Conventional technologies are not well suited to providing a restricted range yet easy to use and secure lockbox. Bluetooth wireless technology was designed to replace cables between cell phones, laptops, and other computing and communication devices within a 10-meter range. Wi-Fi technology was designed and optimized for Local Area Networks (LAN). Wi-Fi provides an extension or replacement of wired networks for dozens of computing devices within a +100-meter range. ZigBee wireless technology is a standard enabling control and monitoring capabilities for industrial and residential applications within a +100-meter range. IrDA technology is a short range (<1 meter), line-of-sight communication standard for exchange of data over infrared light. IrDA interfaces are frequently used in computers, and in some mobile phones (at least currently). RFID (Radio Frequency Identification) is an automatic identification method, relying on storing and remotely retrieving data using devices called RFID tags. An RFID tag is a small object that can be attached to or incorporated into a product. RFID tags contain silicon chips to enable them to receive and respond to queries from an RFID reader/writer.

Lockbox Environment

Using a restricted range wireless technology in the lockbox environment overcomes a number of deficiencies in current technologies and offers several advantages.

Conventional lockboxes that establish an electrical connection by physical contact are sometimes unreliable and are less convenient.

One conventional wireless approach using infrared communication (such as according to IrDa) requires line of sight alignment. Current infrared lockboxes, such as the GE Security iBox 1692, may consume more power over the life of the lockbox because it must wake up from a sleep mode at periodic intervals and monitor for incoming infrared signals.

Other conventional wireless approaches, such as far-field RF communications, also must wake up and monitor for signals at periodic intervals. In addition, far-field communications require a relatively high current even when the lockbox is in a sleep mode, which consumes battery power more quickly than desired. If larger batteries are used, then larger devices and larger antennas may also be required. In general, conventional systems require that lockbox and the access device each has its own source of power, which increases initial expense and maintenance costs.

Conventionally, pairing an access device to a lockbox can require several manual steps, which is inefficient. Far-field RF communications and Bluetooth have greater operating ranges, leading to a higher risk that communications will be intercepted. In addition, technologies with greater operating ranges cause pairing problems when a user is attempting to access one lockbox where several others are located nearby. One pairing problem is correctly addressing only one lockbox among several that are located in close proximity to each other. Another pairing problem is avoiding inadvertently accessing another lockbox, because it is located within the extended range, such that an unauthorized person might gain access.

Also, far-field RF can be subject to interference and may be subject to regulation at higher power. Far-field radio communications refer to those between an antenna emitting radiating radio waves and a device receiving those waves. According to one definition, the far-field is defined as a separating distance between two devices in communication (such as a lockbox and an access device) exceeding more than one wavelength of the radio signal. Far-field signals decay as the square of the distance from the antenna.
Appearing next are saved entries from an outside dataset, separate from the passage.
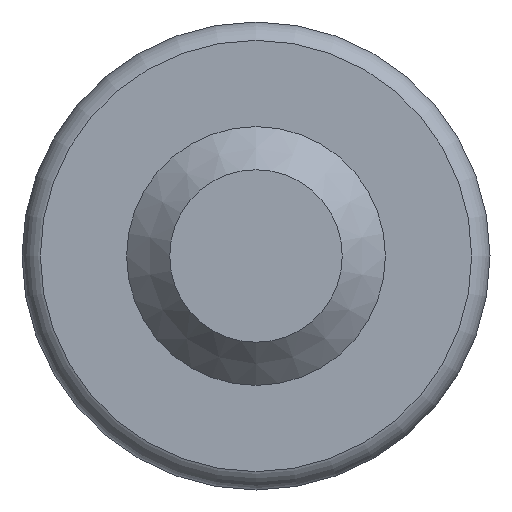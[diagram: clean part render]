
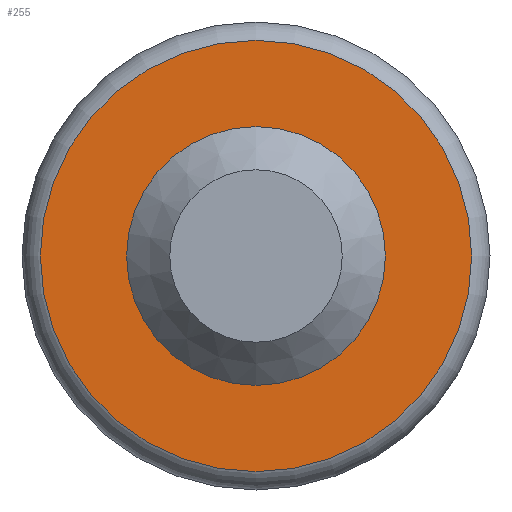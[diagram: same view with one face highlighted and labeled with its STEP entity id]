
A CAD part, front view. The second image highlights one B-rep face of the part: STEP entity #255.
In plain terms, the highlighted planar face has unit normal (0, -1, 0).
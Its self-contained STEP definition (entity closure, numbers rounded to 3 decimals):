
#22 = CARTESIAN_POINT ( 'NONE',  ( 3., -28., 0. ) ) ;
#31 = DIRECTION ( 'NONE',  ( 0., 0., 1. ) ) ;
#62 = ORIENTED_EDGE ( 'NONE', *, *, #454, .T. ) ;
#124 = EDGE_LOOP ( 'NONE', ( #62 ) ) ;
#151 = VERTEX_POINT ( 'NONE', #373 ) ;
#178 = DIRECTION ( 'NONE',  ( 0., 1., 0. ) ) ;
#195 = ORIENTED_EDGE ( 'NONE', *, *, #363, .F. ) ;
#203 = DIRECTION ( 'NONE',  ( 0., 1., 0. ) ) ;
#212 = DIRECTION ( 'NONE',  ( 0., 0., 1. ) ) ;
#244 = AXIS2_PLACEMENT_3D ( 'NONE', #245, #178, #31 ) ;
#245 = CARTESIAN_POINT ( 'NONE',  ( 0., -28., 0. ) ) ;
#247 = FACE_BOUND ( 'NONE', #124, .T. ) ;
#248 = CARTESIAN_POINT ( 'NONE',  ( 0., -28., 0. ) ) ;
#255 = ADVANCED_FACE ( 'NONE', ( #307, #247 ), #459, .F. ) ;
#263 = AXIS2_PLACEMENT_3D ( 'NONE', #248, #389, #212 ) ;
#271 = AXIS2_PLACEMENT_3D ( 'NONE', #22, #203, #350 ) ;
#307 = FACE_OUTER_BOUND ( 'NONE', #432, .T. ) ;
#329 = CARTESIAN_POINT ( 'NONE',  ( 0., -28., 5. ) ) ;
#350 = DIRECTION ( 'NONE',  ( 0., 0., 1. ) ) ;
#363 = EDGE_CURVE ( 'NONE', #441, #441, #385, .T. ) ;
#373 = CARTESIAN_POINT ( 'NONE',  ( 0., -28., 3. ) ) ;
#385 = CIRCLE ( 'NONE', #244, 5. ) ;
#389 = DIRECTION ( 'NONE',  ( 0., 1., 0. ) ) ;
#432 = EDGE_LOOP ( 'NONE', ( #195 ) ) ;
#441 = VERTEX_POINT ( 'NONE', #329 ) ;
#442 = CIRCLE ( 'NONE', #263, 3. ) ;
#454 = EDGE_CURVE ( 'NONE', #151, #151, #442, .T. ) ;
#459 = PLANE ( 'NONE',  #271 ) ;
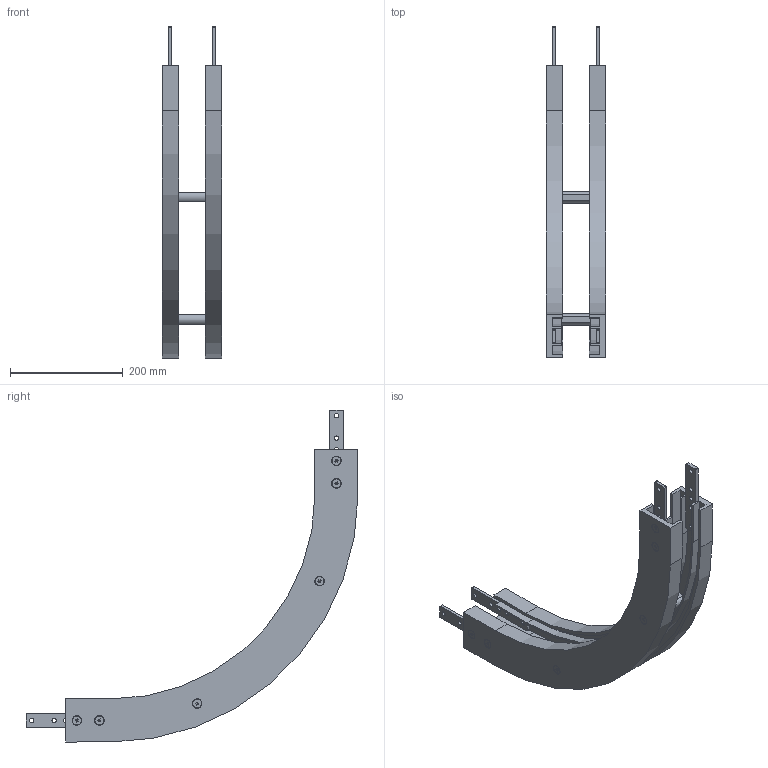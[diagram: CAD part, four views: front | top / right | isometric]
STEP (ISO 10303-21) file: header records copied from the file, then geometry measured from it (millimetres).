
FILE_DESCRIPTION (( 'STEP AP203' ), '1' );
FILE_NAME ('FCVB-90 R400.STEP', '2007-12-12T08:54:13', ( ' ' ), ( ' ' ), 'SwSTEP 2.0', 'SolidWorks 2008', '' );
FILE_SCHEMA (( 'CONFIG_CONTROL_DESIGN' ));
Length unit declared in the file: millimetre
Products named in the file (5): FGDT 3X20 lg85_Défaut; FACS-25.éclisse larg 25mm; courbe verticale FC105-R400_90R400; Vis F HC, M 8x12_Défaut; FCVB-90 R400
Assembly tree (19 placements, depth 2):
  FCVB-90 R400
    Vis F HC, M 8x12_Défaut  x12
    FGDT 3X20 lg85_Défaut  x2
    courbe verticale FC105-R400_90R400
    FACS-25.éclisse larg 25mm  x4
Bounding box: 105 x 588.15 x 588.15 mm (x, y, z)
Volume: 1840778 mm3; surface area: 562614.1 mm2
Topology: 20 solids, 20 shells, 644 faces, 1656 edges, 1040 vertices
Faces by surface type: plane 276, cylinder 236, cone 108, bspline 24
Entity records: 8283 total; most frequent: CARTESIAN_POINT 2721, DIRECTION 995, ORIENTED_EDGE 946, EDGE_CURVE 473, AXIS2_PLACEMENT_3D 353, VERTEX_POINT 304, VECTOR 289, LINE 289

Alternatively, radio communications can be carried out in a near field region where the devices are positioned much closer together than in far field communications. Near field communications, according to one definition, occur within a separating distance less than one wavelength. According to another definition, the boundary of the near field region is located at a distance of c=2Πf, where f is the frequency of the alternating current field generated by the transmitting device. In the near field region, the magnetic field lines of one device interact with those of the other device, thus allowing the transmitting device to magnetically induce an electric current in the receiving device. This near field signal decays as the cube of the distance from the antenna, and thus decays even more rapidly than far-field signal strength.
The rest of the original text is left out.